Ps: Me too I don't speak very good English. So feel nice with that  :Smile: 

----------

## luna80

first of all compile the kernel with sound as module and not built-in

to view which others modules needed for the sound you can run the lsmod command when booting from the install dvd, you can view all dependencies of snd_hda_intel

----------

## sk8harddiefast

ok. I will do it now and I will post ther results

lsmod return me snd_hda_intel snd_hda_realtek snd_hda_hdmi

----------

## sk8harddiefast

Ok. I set intel and realtek_codec as module and rebuild kernel. Next step?

----------

## luna80

compile with all 3 modules, snd_hda_intel, snd_hda_realtek and snd_hda_hdmi

you already compiled the package alsa-utils?

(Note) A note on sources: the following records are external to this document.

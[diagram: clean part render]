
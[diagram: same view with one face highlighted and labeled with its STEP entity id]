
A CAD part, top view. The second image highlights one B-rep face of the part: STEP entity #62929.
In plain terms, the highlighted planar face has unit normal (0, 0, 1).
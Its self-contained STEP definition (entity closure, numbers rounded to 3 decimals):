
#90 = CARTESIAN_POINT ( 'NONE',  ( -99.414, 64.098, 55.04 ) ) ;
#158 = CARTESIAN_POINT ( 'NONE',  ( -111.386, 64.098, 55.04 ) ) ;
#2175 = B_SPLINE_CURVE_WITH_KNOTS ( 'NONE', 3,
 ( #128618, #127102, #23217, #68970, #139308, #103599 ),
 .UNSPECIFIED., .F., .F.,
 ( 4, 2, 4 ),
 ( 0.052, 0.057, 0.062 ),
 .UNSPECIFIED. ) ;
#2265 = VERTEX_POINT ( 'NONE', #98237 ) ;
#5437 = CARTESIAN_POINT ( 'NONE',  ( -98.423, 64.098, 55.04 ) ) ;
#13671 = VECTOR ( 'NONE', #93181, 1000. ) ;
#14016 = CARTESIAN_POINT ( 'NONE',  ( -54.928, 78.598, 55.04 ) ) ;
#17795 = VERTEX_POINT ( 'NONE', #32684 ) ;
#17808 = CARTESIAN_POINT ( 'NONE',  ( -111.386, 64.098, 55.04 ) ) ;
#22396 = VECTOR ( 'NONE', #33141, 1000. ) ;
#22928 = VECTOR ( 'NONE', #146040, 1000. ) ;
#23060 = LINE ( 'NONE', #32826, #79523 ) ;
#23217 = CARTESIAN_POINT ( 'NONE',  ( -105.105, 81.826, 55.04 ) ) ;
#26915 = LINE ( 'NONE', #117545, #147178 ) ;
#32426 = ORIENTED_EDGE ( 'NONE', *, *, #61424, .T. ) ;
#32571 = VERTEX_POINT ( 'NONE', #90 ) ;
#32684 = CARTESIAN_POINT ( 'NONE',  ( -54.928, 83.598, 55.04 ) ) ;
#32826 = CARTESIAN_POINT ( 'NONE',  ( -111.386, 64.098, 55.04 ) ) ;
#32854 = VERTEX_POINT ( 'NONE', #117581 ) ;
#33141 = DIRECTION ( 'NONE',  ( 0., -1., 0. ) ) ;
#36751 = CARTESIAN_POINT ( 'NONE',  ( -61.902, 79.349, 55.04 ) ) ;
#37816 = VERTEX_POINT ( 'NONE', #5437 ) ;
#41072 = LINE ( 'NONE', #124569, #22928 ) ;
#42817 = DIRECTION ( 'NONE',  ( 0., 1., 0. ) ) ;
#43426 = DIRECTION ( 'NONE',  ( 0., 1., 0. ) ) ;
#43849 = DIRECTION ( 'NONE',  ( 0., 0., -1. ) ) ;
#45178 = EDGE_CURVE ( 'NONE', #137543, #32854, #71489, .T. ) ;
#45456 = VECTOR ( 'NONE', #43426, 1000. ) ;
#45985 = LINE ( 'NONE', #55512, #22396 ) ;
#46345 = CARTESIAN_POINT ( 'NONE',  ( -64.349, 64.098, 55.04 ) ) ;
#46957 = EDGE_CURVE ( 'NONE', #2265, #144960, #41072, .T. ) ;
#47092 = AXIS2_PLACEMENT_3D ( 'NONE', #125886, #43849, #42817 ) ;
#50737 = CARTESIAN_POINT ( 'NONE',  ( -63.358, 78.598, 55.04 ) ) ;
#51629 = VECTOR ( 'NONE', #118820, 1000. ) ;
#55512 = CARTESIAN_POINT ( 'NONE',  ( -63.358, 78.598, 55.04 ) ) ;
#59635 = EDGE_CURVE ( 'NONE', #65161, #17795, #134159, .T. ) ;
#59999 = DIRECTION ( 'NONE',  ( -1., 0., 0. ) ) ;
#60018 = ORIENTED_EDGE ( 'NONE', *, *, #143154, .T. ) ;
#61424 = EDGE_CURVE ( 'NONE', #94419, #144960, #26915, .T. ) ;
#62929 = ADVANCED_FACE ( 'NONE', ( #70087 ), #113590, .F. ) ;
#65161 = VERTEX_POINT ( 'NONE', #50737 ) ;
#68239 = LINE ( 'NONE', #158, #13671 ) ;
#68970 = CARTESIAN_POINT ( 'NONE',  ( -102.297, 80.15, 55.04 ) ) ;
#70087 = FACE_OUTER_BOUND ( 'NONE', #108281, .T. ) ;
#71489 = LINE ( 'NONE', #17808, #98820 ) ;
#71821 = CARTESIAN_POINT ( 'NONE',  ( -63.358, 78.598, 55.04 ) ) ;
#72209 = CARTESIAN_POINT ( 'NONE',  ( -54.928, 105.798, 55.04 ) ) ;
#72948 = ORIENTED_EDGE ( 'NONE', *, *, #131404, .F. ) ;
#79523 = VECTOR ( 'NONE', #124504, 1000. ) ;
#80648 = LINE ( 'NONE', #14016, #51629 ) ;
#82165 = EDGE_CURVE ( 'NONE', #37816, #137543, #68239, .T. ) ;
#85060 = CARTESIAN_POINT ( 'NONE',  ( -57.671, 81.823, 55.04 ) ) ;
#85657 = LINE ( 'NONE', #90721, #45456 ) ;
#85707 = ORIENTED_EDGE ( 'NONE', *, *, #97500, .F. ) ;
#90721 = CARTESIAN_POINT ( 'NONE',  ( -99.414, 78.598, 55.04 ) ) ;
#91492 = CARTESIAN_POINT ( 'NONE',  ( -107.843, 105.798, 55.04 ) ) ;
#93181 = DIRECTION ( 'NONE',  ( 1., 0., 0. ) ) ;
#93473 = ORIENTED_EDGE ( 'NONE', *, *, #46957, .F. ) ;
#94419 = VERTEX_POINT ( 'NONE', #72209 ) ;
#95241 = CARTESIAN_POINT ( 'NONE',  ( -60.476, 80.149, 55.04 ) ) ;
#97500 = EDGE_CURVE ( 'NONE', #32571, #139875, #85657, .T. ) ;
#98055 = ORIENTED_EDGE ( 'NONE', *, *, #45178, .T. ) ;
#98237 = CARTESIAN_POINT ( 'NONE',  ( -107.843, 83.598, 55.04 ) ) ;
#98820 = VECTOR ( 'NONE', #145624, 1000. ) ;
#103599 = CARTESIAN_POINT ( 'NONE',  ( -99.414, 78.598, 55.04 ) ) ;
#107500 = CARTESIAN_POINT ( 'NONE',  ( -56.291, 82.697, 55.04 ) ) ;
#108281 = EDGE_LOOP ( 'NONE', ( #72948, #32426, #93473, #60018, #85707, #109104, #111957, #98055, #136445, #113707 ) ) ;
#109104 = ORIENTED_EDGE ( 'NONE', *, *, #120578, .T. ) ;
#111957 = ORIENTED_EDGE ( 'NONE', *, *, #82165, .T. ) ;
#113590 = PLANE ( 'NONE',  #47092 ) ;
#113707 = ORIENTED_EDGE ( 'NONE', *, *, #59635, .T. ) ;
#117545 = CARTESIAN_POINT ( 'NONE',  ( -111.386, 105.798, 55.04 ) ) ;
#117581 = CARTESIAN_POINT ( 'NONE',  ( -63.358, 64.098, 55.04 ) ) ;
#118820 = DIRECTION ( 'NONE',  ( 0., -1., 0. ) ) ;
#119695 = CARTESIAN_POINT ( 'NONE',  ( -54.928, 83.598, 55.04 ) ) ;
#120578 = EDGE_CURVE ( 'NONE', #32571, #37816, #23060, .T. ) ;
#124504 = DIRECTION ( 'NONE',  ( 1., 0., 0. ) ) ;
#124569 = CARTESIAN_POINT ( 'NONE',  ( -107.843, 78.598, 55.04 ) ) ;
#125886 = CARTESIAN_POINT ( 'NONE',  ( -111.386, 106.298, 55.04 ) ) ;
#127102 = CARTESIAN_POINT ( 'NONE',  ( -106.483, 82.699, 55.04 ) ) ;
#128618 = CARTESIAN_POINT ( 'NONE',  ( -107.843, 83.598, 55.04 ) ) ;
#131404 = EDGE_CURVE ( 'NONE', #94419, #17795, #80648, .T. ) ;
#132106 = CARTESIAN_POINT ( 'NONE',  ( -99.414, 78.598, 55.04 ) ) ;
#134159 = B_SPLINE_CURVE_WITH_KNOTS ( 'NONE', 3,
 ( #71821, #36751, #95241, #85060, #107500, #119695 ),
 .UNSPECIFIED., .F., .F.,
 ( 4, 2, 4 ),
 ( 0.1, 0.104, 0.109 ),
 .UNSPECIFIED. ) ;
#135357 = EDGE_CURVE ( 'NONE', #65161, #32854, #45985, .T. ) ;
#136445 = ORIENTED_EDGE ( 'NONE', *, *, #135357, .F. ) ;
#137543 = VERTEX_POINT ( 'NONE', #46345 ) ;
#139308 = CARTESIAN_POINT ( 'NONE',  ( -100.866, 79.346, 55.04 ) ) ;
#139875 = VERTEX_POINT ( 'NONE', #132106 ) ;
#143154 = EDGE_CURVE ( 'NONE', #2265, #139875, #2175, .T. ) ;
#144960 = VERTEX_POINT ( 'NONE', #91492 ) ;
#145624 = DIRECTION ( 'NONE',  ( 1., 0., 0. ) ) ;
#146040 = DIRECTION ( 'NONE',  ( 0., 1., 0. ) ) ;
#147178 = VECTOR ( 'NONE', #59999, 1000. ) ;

after that you have to start alsasound service (with command /etc/init.d/alsasound start)

----------

## sk8harddiefast

I have alsa-utils and I started alsasound. On kernel:

Sound Card Support -> PCI Sound devices -> Intel HD Audio (Module) ->

Build hwdep interface for HD-audio reconfiguration + Allow dynamic codec reconfiguration - Ticked

Support jack plugin notification via input layer - Ticked

Build Realtek HD-audio codec support - As module with bullet

Build HDMI/DisplayPort HD-audio codec support - As module with bullet.

Am I ok?

----------

## luna80

I think yes, it's ok.

run alsamixer to unmute the sound card (press M on the master channel to mute/unmute) if it doesn't work

----------

## sk8harddiefast

Alsamixer says that this sound device does not have any conrols

----------

## luna80

the modules are loaded?

post the output of lsmod

----------

## sk8harddiefast

No. Lsmod return none module. It shouldn't be autoloaded? Also one more question. Why I should use modules? All this drivers, I build them into kernel as part of kernel. Is bad idea? Why? I use modules for things where I maybe use them but I don't want them now. So I build them as modules in the case of I need them in the future.

----------

## sk8harddiefast

Ok. I took pictures of exactly everything.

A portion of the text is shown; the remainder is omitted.